Ten or 15 digital print sites could make a difference to the way News Corp Australia does business, Geoff Booth says.
But pulling plans together for a pilot operation in Brisbane is fraught with difficulty, the production and logistics national director admits: “It’s not an easy project to get going, and we have met hurdles we didn’t expect,” he says.
Industry reports that the project – which would put inkjet web and inline finishing equipment into News’ Murarrie print site – had been canned were wrong: “Dead is not correct.
“There are issues to work through, and we have other things to look at,” says Booth, who has just returned from annual leave. “It’s a terribly big step.”
Explaining the lack of progress to GXpress, Booth indicated just how big it might be.
“Brisbane doesn’t solve a problem for us, it just gives us the opportunity to learn how it could work in terms of costs and times and printhead life and so on,” he says.
“A more realistic situation would be Alice Springs or Port Lincoln or a dozen other places which would give an immediate return.”
News currently airlifts copies of its tabloid Herald-Sun from Melbourne for the Queensland and northern New South Wales market, and has named Kodak and manroland as preferred partners for a digital print operation which would take over production in Brisbane.
In Australia’s ‘Red Centre’, copies of News’ biweekly Centralian Advocate are currently printed in Darwin and trucked the 1500 km, 16-hour journey to Alice Springs.
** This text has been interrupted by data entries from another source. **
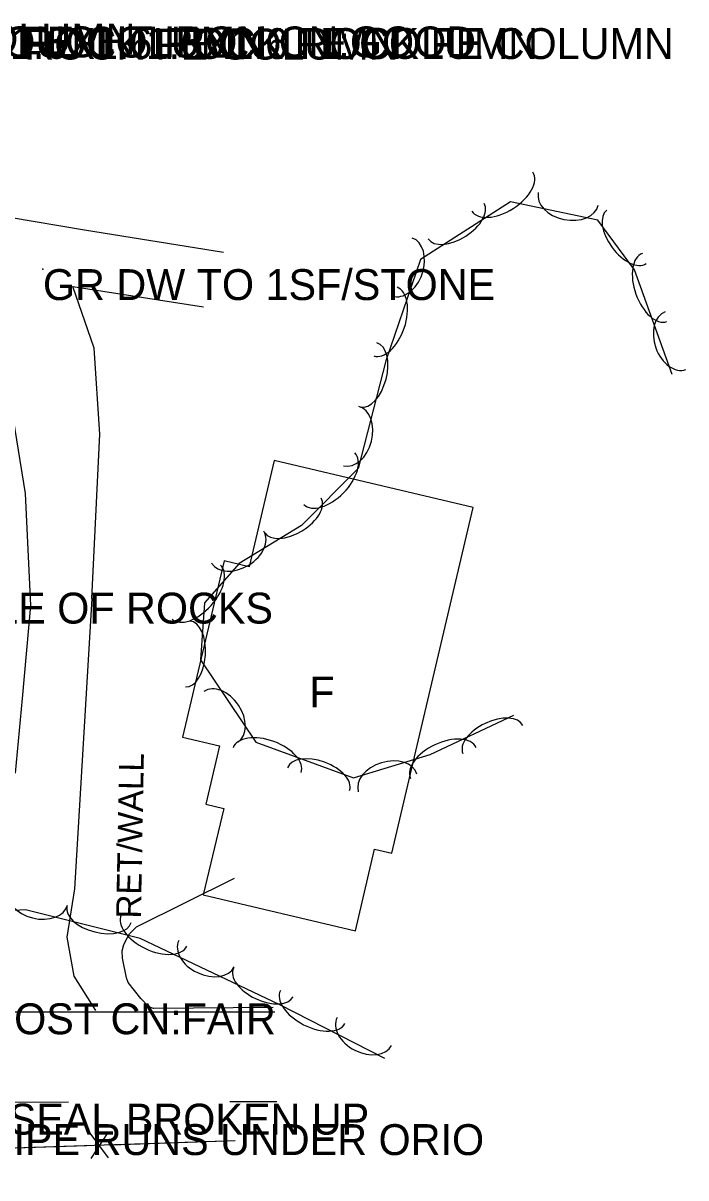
# Model space of a CAD drawing. Extents: x 954793 to 988390, y 1867850 to 1924428.
# Drawn here: x 961164.2 to 961271.4, y 1905548.4 to 1905735.2 of the extents above; entities that cross this region are included whole.
import ezdxf

# ---------------------------------------------------------------- set-up
doc = ezdxf.new("R2010")
doc.units = 0
for name, color, linetype in [('S_BUILDING', 7, 'Continuous'), ('S_BUILDING_ANNOT', 7, 'Continuous'), ('S_DRIVEWAY', 7, 'Continuous'), ('S_FENCE', 7, 'Continuous'), ('S_GRAVEL_ROAD', 7, 'Continuous'), ('S_IRON_PIN_ANNOT', 7, 'Continuous'), ('S_MSC_PT_SYM', 7, 'Continuous'), ('S_SIDE_DRAIN_ANNOT', 7, 'Continuous'), ('S_SURVEY_TEXT_ANNOT', 7, 'Continuous'), ('S_TREE', 7, 'Continuous'), ('S_WALL_ANNOT', 7, 'Continuous')]:
    doc.layers.add(name, color=color, linetype=linetype)

msp = doc.modelspace()

# ---------------------------------------------------------------- linework, layer by layer
at = {"layer": 'S_BUILDING'}
msp.add_lwpolyline([(961223.83, 1905600.9), (961237.02, 1905656.83), (961204.78, 1905664.44), (961200.73, 1905647.26), (961196.7, 1905648.21), (961189.97, 1905619.69), (961195.95, 1905618.28), (961193.73, 1905608.83), (961196.63, 1905608.14), (961193.33, 1905594.15), (961217.95, 1905588.35), (961221.06, 1905601.55)], close=True, dxfattribs=at)
at = {"layer": 'S_DRIVEWAY'}
for points in [[(961196.58, 1905698.09), (961174.09, 1905701.72), (961161.98, 1905703.77), (961149.81, 1905709.09), (961137.67, 1905715.2)], [(961135.97, 1905706.65), (961153.47, 1905696.04), (961160.56, 1905683.46), (961164.51, 1905659.13), (961165.37, 1905640.98), (961164, 1905625.93), (961162.9, 1905613.85)], [(961175.28, 1905642.09), (961175.94, 1905655.4), (961176.61, 1905668.72), (961175.68, 1905682.63), (961172.21, 1905692.58), (961193.35, 1905689.33)], [(961175.28, 1905642.09), (961172.49, 1905595.13), (961171.22, 1905587.33), (961172.38, 1905581.01), (961175.86, 1905575.43)]]:
    msp.add_lwpolyline(points, dxfattribs=at)
at = {"layer": 'S_FENCE'}
for p, q in [((961178, 1905551.6), (961175, 1905555.6)), ((961177.86, 1905555.7), (961175.13, 1905551.51))]:
    msp.add_line(p, q, dxfattribs=at)
for points in [[(961198.49, 1905554.33), (961040.37, 1905549.11)], [(961174.5, 1905553.54), (961154.51, 1905552.88)], [(961198.49, 1905554.33), (961178.5, 1905553.67)]]:
    msp.add_lwpolyline(points, dxfattribs=at)
at = {"layer": 'S_GRAVEL_ROAD'}
for points in [[(961028.96, 1905573.17), (961049.1, 1905571.96), (961076.77, 1905571.9), (961120.25, 1905573.73), (961159.89, 1905575.21), (961204.9, 1905575.25)], [(961205.25, 1905560.69), (961197.61, 1905560.67)], [(961171.5, 1905560.59), (961140.67, 1905560.5), (961110.89, 1905559.04), (961064.17, 1905555.68), (961043.24, 1905554.69), (961020.94, 1905553.02), (961010.77, 1905548.35)]]:
    msp.add_lwpolyline(points, dxfattribs=at)
at = {"layer": 'S_IRON_PIN_ANNOT'}
msp.add_lwpolyline([(961204.64, 1905575.93), (961185.25, 1905575.79), (961184.53, 1905576.03), (961183.22, 1905577.37), (961181.16, 1905579.97), (961180.91, 1905580.71), (961180.26, 1905583.91), (961180.21, 1905585.12), (961180.49, 1905586.11), (961181.04, 1905587.23), (961181.38, 1905587.83), (961181.85, 1905588.34), (961182.52, 1905588.99), (961198.4, 1905596.88)], dxfattribs=at)
at = {"layer": 'S_MSC_PT_SYM'}
for points in [[(961184.01, 1905734.41), (961184.01, 1905734.46), (961184.01, 1905734.41), (961183.96, 1905734.41), (961184.01, 1905734.41), (961184.01, 1905734.36), (961184.01, 1905734.41), (961184.06, 1905734.41)], [(961184.01, 1905734.41), (961184.01, 1905734.46), (961184.01, 1905734.41), (961183.96, 1905734.41), (961184.01, 1905734.41), (961184.01, 1905734.36), (961184.01, 1905734.41), (961184.06, 1905734.41)], [(961167.38, 1905695.41), (961167.38, 1905695.46), (961167.38, 1905695.41), (961167.33, 1905695.41), (961167.38, 1905695.41), (961167.38, 1905695.36), (961167.38, 1905695.41), (961167.43, 1905695.41)], [(961167.38, 1905695.41), (961167.38, 1905695.46), (961167.38, 1905695.41), (961167.33, 1905695.41), (961167.38, 1905695.41), (961167.38, 1905695.36), (961167.38, 1905695.41), (961167.43, 1905695.41)]]:
    msp.add_lwpolyline(points, close=True, dxfattribs=at)
for points in [[(961184.01, 1905734.41), (961184.01, 1905734.46), (961184.01, 1905734.41), (961183.96, 1905734.41), (961184.01, 1905734.41), (961184.01, 1905734.36), (961184.01, 1905734.41), (961184.06, 1905734.41)], [(961167.38, 1905695.41), (961167.38, 1905695.46), (961167.38, 1905695.41), (961167.33, 1905695.41), (961167.38, 1905695.41), (961167.38, 1905695.36), (961167.38, 1905695.41), (961167.43, 1905695.41)]]:
    msp.add_lwpolyline(points, dxfattribs=at)
at = {"layer": 'S_TREE'}
for points in [[(961269.19, 1905678.35), (961263.1, 1905695.31), (961257.16, 1905703.35), (961243.06, 1905706.29), (961228.47, 1905696.99), (961222.87, 1905680.56), (961218.37, 1905663.17), (961209.23, 1905653.92), (961199.14, 1905647.76), (961193.5, 1905641.42), (961192.87, 1905632.2), (961201.82, 1905618.87), (961217.62, 1905613.1), (961230.04, 1905616.85), (961243.6, 1905623.25)], [(961222.72, 1905567.66), (961205.71, 1905576.35), (961183.12, 1905587.1), (961164.56, 1905591.76), (961147.02, 1905590.73)]]:
    msp.add_lwpolyline(points, dxfattribs=at)
for centre, major_axis, ratio in [((961241.73, 1905707.95), (4.95, 3.15), 0.55008), ((961252.39, 1905706.78), (4.85, -1.01), 0.685311), ((961234.25, 1905703.18), (4.51, 2.87), 0.540699), ((961261.8, 1905700.64), (3.18, -4.3), 0.540699), ((961225.54, 1905695.76), (1.6, 4.69), 0.685311), ((961266.38, 1905692.45), (1.98, -5.52), 0.55008), ((961222.8, 1905686.92), (1.89, 5.55), 0.55008), ((961269.76, 1905683.82), (1.68, -4.66), 0.685311), ((961220.1, 1905678.31), (1.34, 5.18), 0.540699), ((961217.26, 1905668.4), (1.24, 4.8), 0.685311), ((961213.72, 1905661.48), (4.12, 4.18), 0.55008), ((961207.84, 1905655.55), (4.56, 2.79), 0.540699), ((961198.91, 1905650.41), (4.23, 2.58), 0.685311), ((961192.19, 1905643.14), (3.9, 4.38), 0.55008), ((961190.8, 1905633.13), (0.37, 5.33), 0.540699), ((961196.2, 1905622.97), (-2.76, 4.11), 0.685311), ((961240.19, 1905619.29), (-4.84, -2.28), 0.540699), ((961203.65, 1905615.94), (-5.51, 2.01), 0.55008), ((961232.17, 1905615.51), (-5.31, -2.5), 0.55008), ((961211.98, 1905612.9), (-5.02, 1.83), 0.540699), ((961223.16, 1905612.28), (-4.74, -1.43), 0.685311), ((961166.53, 1905593.72), (4.81, -1.21), 0.685311), ((961176.46, 1905590.96), (5.19, -1.3), 0.540699), ((961185.36, 1905588.38), (5.3, -2.52), 0.55008), ((961193.83, 1905584.64), (4.48, -2.13), 0.685311), ((961203.03, 1905579.98), (4.83, -2.3), 0.540699), ((961211.03, 1905576.02), (5.22, -2.67), 0.55008), ((961219.39, 1905572.04), (4.41, -2.26), 0.685311)]:
    msp.add_ellipse(centre, major_axis=major_axis, ratio=ratio, start_param=3.141593, end_param=6.283185, dxfattribs=at)

# ---------------------------------------------------------------- texts
at = {"layer": 'S_BUILDING_ANNOT'}
msp.add_text('F', height=5, dxfattribs=at).set_placement((961210.48, 1905624.49))
at = {"layer": 'S_SIDE_DRAIN_ANNOT'}
msp.add_text('CN:5% FILL PIPE RUNS UNDER ORIO', height=5, dxfattribs=at).set_placement((961119.89, 1905552.05))
at = {"layer": 'S_SURVEY_TEXT_ANNOT'}
for s, p in [('1.6X1.6 ROCK FE COLUMN', (961096.88, 1905730.15)), ('1.6X1.6 ROCK FE COLUMN', (961117.82, 1905729.65)), ('FE-4.0 WROUGHT IRON CN:GOOD', (961127.9, 1905729.68)), ('1.6X1.6 ROCK FE COLUMN', (961139.47, 1905729.33)), ('1.6X1.6 ROCK FE COLUMN', (961162.05, 1905729.44)), ('1.6X1.6 ROCK FE COLUMN', (961184.01, 1905729.41)), ('GR DW TO 1SF/STONE', (961167.38, 1905690.41)), ('LARGE PILE OF ROCKS', (961128.81, 1905638.06)), ('FE 3.0 WIRE MET POST CN:FAIR', (961101.42, 1905571.6)), ('CHIP/SEAL BROKEN UP', (961144.01, 1905555.36))]:
    msp.add_text(s, height=5, dxfattribs=at).set_placement(p)
at = {"layer": 'S_WALL_ANNOT'}
msp.add_text('RET/WALL', height=4, rotation=88.9485, dxfattribs=at).set_placement((961183.23, 1905590.3))

doc.saveas('drawing.dxf')

Digital print facilities there would enable the publisher not only to carry more up-to-date news, but also expand sales of its daily Northern Territory News and other titles.
The “seafood capital” of Port Lincoln – also mentioned by Booth – suffers from the “tyranny of distance” which challenges many parts of Australia. Although only 280 km from Adelaide “as the crow flies” – in a straight line across the Spencer and St Vincent gulfs – it is 646 km away by road. The “local” newspaper there, Fairfax Media’s biweekly Port Lincoln Times, is printed in Murray Bridge, east of Adelaide.
It’s likely that any publisher planning remote digital print sites across Australia’s vast geography will look for contract work printing the newspapers of current competitors and others. Globally, most digital newspaper printing is undertaken by contract printers or distributors on behalf of publishers.
But Booth says the level of investment required for its own plans is likely to be beyond the capability of third-party contractors: “It’s a totally different investment conversation,” he says. “One piece of equipment won’t make a difference to the business, ten or 15 will.”
And he adds, “We’re still working through the detail.”